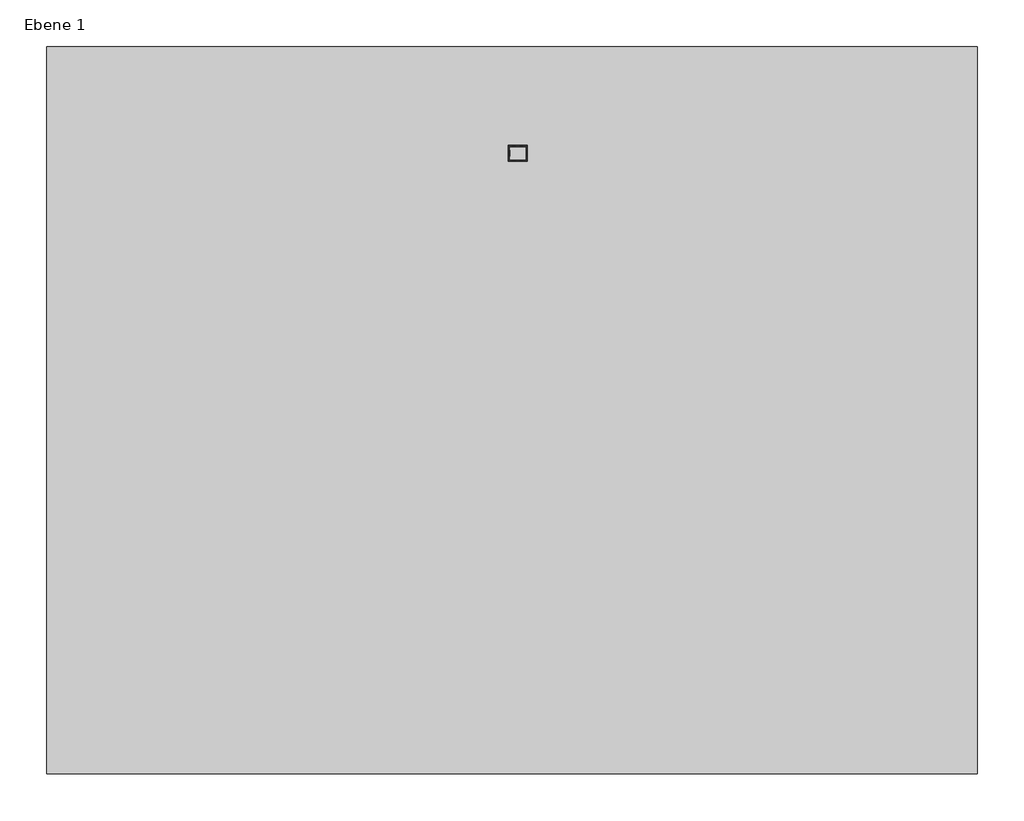
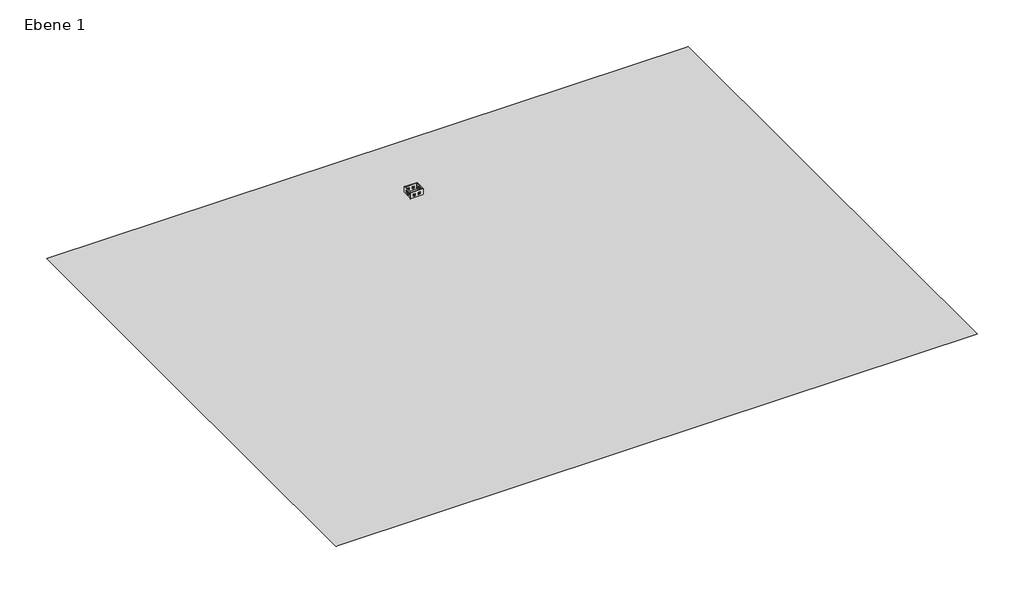
# One storey: 6 windows, 4 walls, 2 proxies.
"""IFC4 building model written with IfcOpenShell, lengths in millimetres."""

import ifcopenshell
import ifcopenshell.guid

model = None  # the IFC model being written
_history = None  # IfcOwnerHistory: only IFC2X3 demands one
_inside = {}  # id of a spatial element -> (the spatial element, [elements in it])
_under = {}  # id of a project, library or spatial element -> (it, [spatial elements below it])
_declared = {}  # id of a project -> (the project, [libraries it declares])
_typed = {}  # id of a type object -> (the type object, [elements of that type])
_made_of = {}  # id of a material, layer set ... -> (it, [elements and type objects made of it])


def new_model(schema):
    """Start an empty IFC model of exactly this schema.

    Asked for "IFC4X3", IfcOpenShell would pick the latest addendum, in which some entities
    have other attributes; the version numbers below select the first issue.
    IFC2X3 requires an IfcOwnerHistory on every rooted entity: one is made here for all.
    """
    global model, _history
    if schema == "IFC4X3":
        model = ifcopenshell.file(schema_version=(4, 3, 0, 0))
    else:
        model = ifcopenshell.file(schema=schema)
    _inside.clear()
    _under.clear()
    _declared.clear()
    _typed.clear()
    _made_of.clear()
    _history = None
    if model.schema == "IFC2X3":
        org = make("IfcOrganization", Name="unknown")
        user = make(
            "IfcPersonAndOrganization",
            ThePerson=make("IfcPerson", FamilyName="unknown"),
            TheOrganization=org,
        )
        app = make(
            "IfcApplication",
            ApplicationDeveloper=org,
            Version="unknown",
            ApplicationFullName="unknown",
            ApplicationIdentifier="unknown",
        )
        _history = make(
            "IfcOwnerHistory",
            OwningUser=user,
            OwningApplication=app,
            ChangeAction="ADDED",
            CreationDate=0,
        )
    return model


def make(cls, **values):
    """One entity of the class cls with the attributes given. An attribute that is None is left unset."""
    return model.create_entity(
        cls, **{name: value for name, value in values.items() if value is not None}
    )


def rooted(cls, **values):
    """An entity with a GlobalId (a new one), such as an element, a storey or a relation."""
    return make(cls, GlobalId=ifcopenshell.guid.new(), OwnerHistory=_history, **values)


def si_unit(unit_type, name, prefix=None):
    """IfcSIUnit, for example si_unit("LENGTHUNIT", "METRE", prefix="MILLI")."""
    return make("IfcSIUnit", UnitType=unit_type, Prefix=prefix, Name=name)


def assignment(units):
    """IfcUnitAssignment: the units of a project."""
    return None if units is None else make("IfcUnitAssignment", Units=units)


def point(xyz):
    """IfcCartesianPoint."""
    return None if xyz is None else make("IfcCartesianPoint", Coordinates=xyz)


def direction(xyz):
    """IfcDirection."""
    return None if xyz is None else make("IfcDirection", DirectionRatios=xyz)


def frame(location, z_axis=None, x_axis=None):
    """IfcAxis2Placement3D, a coordinate frame: its origin and axes. An axis left out is left unset."""
    return make(
        "IfcAxis2Placement3D",
        Location=point(location),
        Axis=direction(z_axis),
        RefDirection=direction(x_axis),
    )


def origin():
    """The frame at (0, 0, 0) with its axes left unset."""
    return frame((0.0, 0.0, 0.0))


def place(relative_to, where):
    """IfcLocalPlacement: puts the frame where relative to a parent placement (None: the world)."""
    return make(
        "IfcLocalPlacement", PlacementRelTo=relative_to, RelativePlacement=where
    )


def context(
    kind, dimensions, precision=None, world=None, true_north=None, identifier=None
):
    """IfcGeometricRepresentationContext, for example the 3D "Model" context."""
    return make(
        "IfcGeometricRepresentationContext",
        ContextIdentifier=identifier,
        ContextType=kind,
        CoordinateSpaceDimension=dimensions,
        Precision=precision,
        WorldCoordinateSystem=world,
        TrueNorth=true_north,
    )


def project(units=None, contexts=None):
    """IfcProject with its units and contexts."""
    return rooted(
        "IfcProject",
        Name="project",
        RepresentationContexts=contexts,
        UnitsInContext=assignment(units),
    )


def spatial(cls, under=None, at=None, **own):
    """A site, building, storey or space (cls), placed at a placement, below another one or the project."""
    s = rooted(cls, ObjectPlacement=at, **own)
    if under is not None:
        _under.setdefault(under.id(), (under, []))[1].append(s)
    return s


def polyline(points):
    """IfcPolyline through the points."""
    return make("IfcPolyline", Points=[point(p) for p in points])


def point_list(points):
    """IfcCartesianPointList2D or 3D."""
    cls = (
        "IfcCartesianPointList2D" if len(points[0]) == 2 else "IfcCartesianPointList3D"
    )
    return make(cls, CoordList=points)


def outline(outer, holes=None, kind="AREA"):
    """IfcArbitraryClosedProfileDef: a profile drawn as a closed curve; with holes, ...WithVoids."""
    if holes is None:
        return make("IfcArbitraryClosedProfileDef", ProfileType=kind, OuterCurve=outer)
    return make(
        "IfcArbitraryProfileDefWithVoids",
        ProfileType=kind,
        OuterCurve=outer,
        InnerCurves=holes,
    )


def extrude(swept, where, along, depth):
    """IfcExtrudedAreaSolid: the profile swept, set in the frame where, extruded along a direction by depth."""
    return make(
        "IfcExtrudedAreaSolid",
        SweptArea=swept,
        Position=where,
        ExtrudedDirection=direction(along),
        Depth=depth,
    )


def faces_of(points, faces, orient=None, outer=None):
    """IfcFace entities. A face is a list of loops; a loop is a list of indices into points, from 0.

    orient and outer hold one flag for each loop. By default every Orientation is true, the
    first loop of a face is its IfcFaceOuterBound and the others are IfcFaceBound.
    """
    made = []
    for i, loops in enumerate(faces):
        bounds = []
        for j, loop in enumerate(loops):
            is_outer = j == 0 if outer is None else outer[i][j]
            bounds.append(
                make(
                    "IfcFaceOuterBound" if is_outer else "IfcFaceBound",
                    Bound=make("IfcPolyLoop", Polygon=[points[k] for k in loop]),
                    Orientation=True if orient is None else orient[i][j],
                )
            )
        made.append(make("IfcFace", Bounds=bounds))
    return made


def faceted_brep(points, faces, orient=None, outer=None, voids=None):
    """IfcFacetedBrep: a solid bounded by flat faces; with voids (closed shells), ...WithVoids."""
    shared = [point(p) for p in points]
    hull = make("IfcClosedShell", CfsFaces=faces_of(shared, faces, orient, outer))
    if voids is None:
        return make("IfcFacetedBrep", Outer=hull)
    return make(
        "IfcFacetedBrepWithVoids",
        Outer=hull,
        Voids=[
            make(cls, CfsFaces=faces_of(shared, fs, o, b)) for cls, fs, o, b in voids
        ],
    )


def triangles(points, corners, closed=None, point_numbers=None):
    """IfcTriangulatedFaceSet: each triangle names its three corners, points numbered from 1."""
    return make(
        "IfcTriangulatedFaceSet",
        Coordinates=point_list(points),
        Closed=closed,
        CoordIndex=corners,
        PnIndex=point_numbers,
    )


def shape(context_of_items, identifier, shape_type, items):
    """IfcShapeRepresentation: the items that make up one representation, for example the "Body"."""
    return make(
        "IfcShapeRepresentation",
        ContextOfItems=context_of_items,
        RepresentationIdentifier=identifier,
        RepresentationType=shape_type,
        Items=items,
    )


def source(mapping_origin, context_of_items, identifier, shape_type, items):
    """IfcRepresentationMap: a shape defined once, which mapped items show again and again."""
    return make(
        "IfcRepresentationMap",
        MappingOrigin=mapping_origin,
        MappedRepresentation=shape(context_of_items, identifier, shape_type, items),
    )


def transform(
    local_origin,
    x_axis=None,
    y_axis=None,
    z_axis=None,
    scale=None,
    scale2=None,
    scale3=None,
    uniform=True,
):
    """IfcCartesianTransformationOperator3D, or its non-uniform kind. x_axis, y_axis, z_axis: its Axis1, 2, 3."""
    if uniform:
        return make(
            "IfcCartesianTransformationOperator3D",
            Axis1=direction(x_axis),
            Axis2=direction(y_axis),
            LocalOrigin=point(local_origin),
            Scale=scale,
            Axis3=direction(z_axis),
        )
    return make(
        "IfcCartesianTransformationOperator3DnonUniform",
        Axis1=direction(x_axis),
        Axis2=direction(y_axis),
        LocalOrigin=point(local_origin),
        Scale=scale,
        Axis3=direction(z_axis),
        Scale2=scale2,
        Scale3=scale3,
    )


def mapped(mapping_source, mapping_target):
    """IfcMappedItem: shows the shape of a source again, moved by a transform."""
    return make(
        "IfcMappedItem", MappingSource=mapping_source, MappingTarget=mapping_target
    )


def made_of(thing, what):
    """Note that an element or type object is made of a material, layer set ...; save() writes the relation."""
    if what is not None:
        _made_of.setdefault(what.id(), (what, []))[1].append(thing)
    return thing


def element(
    cls,
    number,
    at=None,
    inside=None,
    cuts=None,
    type_object=None,
    material=None,
    context=None,
    identifier="Body",
    shape_type=None,
    held_by="IfcProductDefinitionShape",
    body=None,
    shapes=None,
    **own,
):
    """One element of the class cls, such as IfcWall. Its Tag is "e" and its number.

    at: its placement. inside: the storey or other place that contains it. cuts: it is an
    opening in that element (IfcRelVoidsElement). A single representation is given by context,
    identifier, shape_type and body (its items); several are given by shapes. held_by: the class
    of the entity that holds the representations. save() writes the other relations.
    """
    e = rooted(cls, Tag="e%d" % number, ObjectPlacement=at, **own)
    if body is not None:
        shapes = [shape(context, identifier, shape_type, body)]
    if shapes is not None:
        e.Representation = make(held_by, Representations=shapes)
    if inside is not None:
        _inside.setdefault(inside.id(), (inside, []))[1].append(e)
    if cuts is not None:
        rooted(
            "IfcRelVoidsElement", RelatingBuildingElement=cuts, RelatedOpeningElement=e
        )
    if type_object is not None:
        _typed.setdefault(type_object.id(), (type_object, []))[1].append(e)
    return made_of(e, material)


def aggregate(whole, parts):
    """IfcRelAggregates: a whole, such as a stair, and the parts it consists of."""
    return rooted("IfcRelAggregates", RelatingObject=whole, RelatedObjects=parts)


def save(model, path):
    """Write the relations noted so far, then the file.

    IfcRelAggregates (storeys below a building ...), IfcRelContainedInSpatialStructure (elements
    in a storey), IfcRelDefinesByType, IfcRelAssociatesMaterial and IfcRelDeclares: one each for
    every whole, place, type object, material and project.
    """
    for whole, parts in _under.values():
        aggregate(whole, parts)
    for where, things in _inside.values():
        rooted(
            "IfcRelContainedInSpatialStructure",
            RelatedElements=things,
            RelatingStructure=where,
        )
    for kind, things in _typed.values():
        rooted("IfcRelDefinesByType", RelatedObjects=things, RelatingType=kind)
    for what, things in _made_of.values():
        rooted("IfcRelAssociatesMaterial", RelatedObjects=things, RelatingMaterial=what)
    for by, libraries in _declared.values():
        rooted("IfcRelDeclares", RelatingContext=by, RelatedDefinitions=libraries)
    model.write(path)


def fenster_1_flg_variabel_fenster_1_flg_variabel_3_8a378bad(model_context):
    return source(origin(), model_context, "Body", "SolidModel", [
        extrude(outline(polyline([(2010.0, 505.0), (2010.0, -505.0), (1000.0, -505.0), (1000.0, 505.0), (2010.0, 505.0)]), holes=[polyline([(1930.0, 445.0), (1080.0, 445.0), (1080.0, -445.0), (1930.0, -445.0), (1930.0, 445.0)])]), frame((0.0, 40.0, 0.0), z_axis=(0.0, 1.0, 0.0), x_axis=(0.0, 0.0, 1.0)), (0.0, 0.0, 1.0), 60.0),
        faceted_brep([(475.0, 40.0, 1960.0), (475.0, 10.0, 1960.0), (475.0, 10.0, 1050.0), (475.0, 40.0, 1050.0), (-475.0, 10.0, 1960.0), (-475.0, 10.0, 1050.0), (415.0, 10.0, 1110.0), (-415.0, 10.0, 1110.0), (-415.0, 10.0, 1900.0), (415.0, 10.0, 1900.0), (-475.0, 40.0, 1050.0), (-475.0, 40.0, 1960.0), (445.0, 40.0, 1930.0), (-445.0, 40.0, 1930.0), (-445.0, 40.0, 1080.0), (445.0, 40.0, 1080.0), (445.0, 70.0, 1930.0), (445.0, 70.0, 1080.0), (-445.0, 70.0, 1080.0), (-445.0, 70.0, 1930.0), (415.0, 70.0, 1900.0), (-415.0, 70.0, 1900.0), (-415.0, 70.0, 1110.0), (415.0, 70.0, 1110.0)], [[[0, 1, 2, 3]], [[1, 4, 5, 2], [6, 7, 8, 9]], [[3, 2, 5, 10]], [[3, 10, 11, 0], [12, 13, 14, 15]], [[16, 12, 15, 17]], [[17, 15, 14, 18]], [[17, 18, 19, 16], [20, 21, 22, 23]], [[9, 20, 23, 6]], [[6, 23, 22, 7]], [[10, 5, 4, 11]], [[18, 14, 13, 19]], [[7, 22, 21, 8]], [[11, 4, 1, 0]], [[19, 13, 12, 16]], [[8, 21, 20, 9]]]),
        extrude(outline(polyline([(-505.0, -210.0), (-505.0, 40.0), (505.0, 40.0), (505.0, -210.0), (-505.0, -210.0)])), frame((0.0, 0.0, 1005.0), z_axis=(0.0, 0.0, 1.0), x_axis=(1.0, 0.0, 0.0)), (0.0, 0.0, 1.0), 15.0),
        extrude(outline(polyline([(110.0221543, 1020.0), (210.0, 1000.0), (210.0, 990.0), (208.0, 990.0), (208.0, 998.3604634), (109.8240723, 1018.0), (100.0, 1018.0), (100.0, 1020.0), (110.0221543, 1020.0)])), frame((-505.0, 0.0, 0.0), z_axis=(1.0, 0.0, 0.0), x_axis=(0.0, 1.0, 0.0)), (0.0, 0.0, 1.0), 1010.0),
        extrude(outline(polyline([(415.0, 25.0), (-415.0, 25.0), (-415.0, 55.0), (415.0, 55.0), (415.0, 25.0)])), frame((0.0, 0.0, 1110.0), z_axis=(0.0, 0.0, 1.0), x_axis=(1.0, 0.0, 0.0)), (0.0, 0.0, 1.0), 790.0),
    ])


def fenster_2_flg_variabel_fenster_2_flg_variabel_3_03287464(model_context):
    return source(origin(), model_context, "Body", "SolidModel", [
        extrude(outline(polyline([(60.0, -5.0), (915.0, -5.0), (915.0, -35.0), (60.0, -35.0), (60.0, -5.0)])), frame((0.0, 0.0, 1110.0), z_axis=(0.0, 0.0, 1.0), x_axis=(1.0, 0.0, 0.0)), (0.0, 0.0, 1.0), 1040.0),
        extrude(outline(polyline([(-915.0, -5.0), (-60.0, -5.0), (-60.0, -35.0), (-915.0, -35.0), (-915.0, -5.0)])), frame((0.0, 0.0, 1110.0), z_axis=(0.0, 0.0, 1.0), x_axis=(1.0, 0.0, 0.0)), (0.0, 0.0, 1.0), 1040.0),
        extrude(outline(polyline([(-1005.0, -210.0), (-1005.0, -20.0), (1005.0, -20.0), (1005.0, -210.0), (-1005.0, -210.0)])), frame((0.0, 0.0, 1005.0), z_axis=(0.0, 0.0, 1.0), x_axis=(1.0, 0.0, 0.0)), (0.0, 0.0, 1.0), 15.0),
        extrude(outline(polyline([(50.0221543, 1020.0), (210.0, 1000.0), (210.0, 990.0), (208.0, 990.0), (208.0, 998.3604634), (49.8240723, 1018.0), (40.0, 1018.0), (40.0, 1020.0), (50.0221543, 1020.0)])), frame((-1005.0, 0.0, 0.0), z_axis=(1.0, 0.0, 0.0), x_axis=(0.0, 1.0, 0.0)), (0.0, 0.0, 1.0), 2010.0),
        extrude(outline(polyline([(30.0, -20.0), (-30.0, -20.0), (-30.0, 40.0), (30.0, 40.0), (30.0, -20.0)])), frame((0.0, 0.0, 1080.0), z_axis=(0.0, 0.0, 1.0), x_axis=(1.0, 0.0, 0.0)), (0.0, 0.0, 1.0), 1100.0),
        extrude(outline(polyline([(2260.0, -1005.0), (1000.0, -1005.0), (1000.0, 1005.0), (2260.0, 1005.0), (2260.0, -1005.0)]), holes=[polyline([(2180.0, -945.0), (2180.0, 945.0), (1080.0, 945.0), (1080.0, -945.0), (2180.0, -945.0)])]), frame((0.0, -20.0, 0.0), z_axis=(0.0, 1.0, 0.0), x_axis=(0.0, 0.0, 1.0)), (0.0, 0.0, 1.0), 60.0),
        faceted_brep([(-945.0, -20.0, 1080.0), (-945.0, 10.0, 1080.0), (-30.0, 10.0, 1080.0), (-30.0, -20.0, 1080.0), (-30.0, 10.0, 2180.0), (-30.0, -20.0, 2180.0), (-945.0, 10.0, 2180.0), (-60.0, 10.0, 2150.0), (-915.0, 10.0, 2150.0), (-915.0, 10.0, 1110.0), (-60.0, 10.0, 1110.0), (0.0, -20.0, 1050.0), (-975.0, -20.0, 1050.0), (-975.0, -20.0, 2210.0), (0.0, -20.0, 2210.0), (-945.0, -20.0, 2180.0), (-975.0, -50.0, 1050.0), (0.0, -50.0, 1050.0), (0.0, -50.0, 2210.0), (-975.0, -50.0, 2210.0), (-60.0, -50.0, 1110.0), (-915.0, -50.0, 1110.0), (-915.0, -50.0, 2150.0), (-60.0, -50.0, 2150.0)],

What needs to be done:
Say how many lines contain "orient" in the material above; the number is the whole answer.

Exercise solution:
5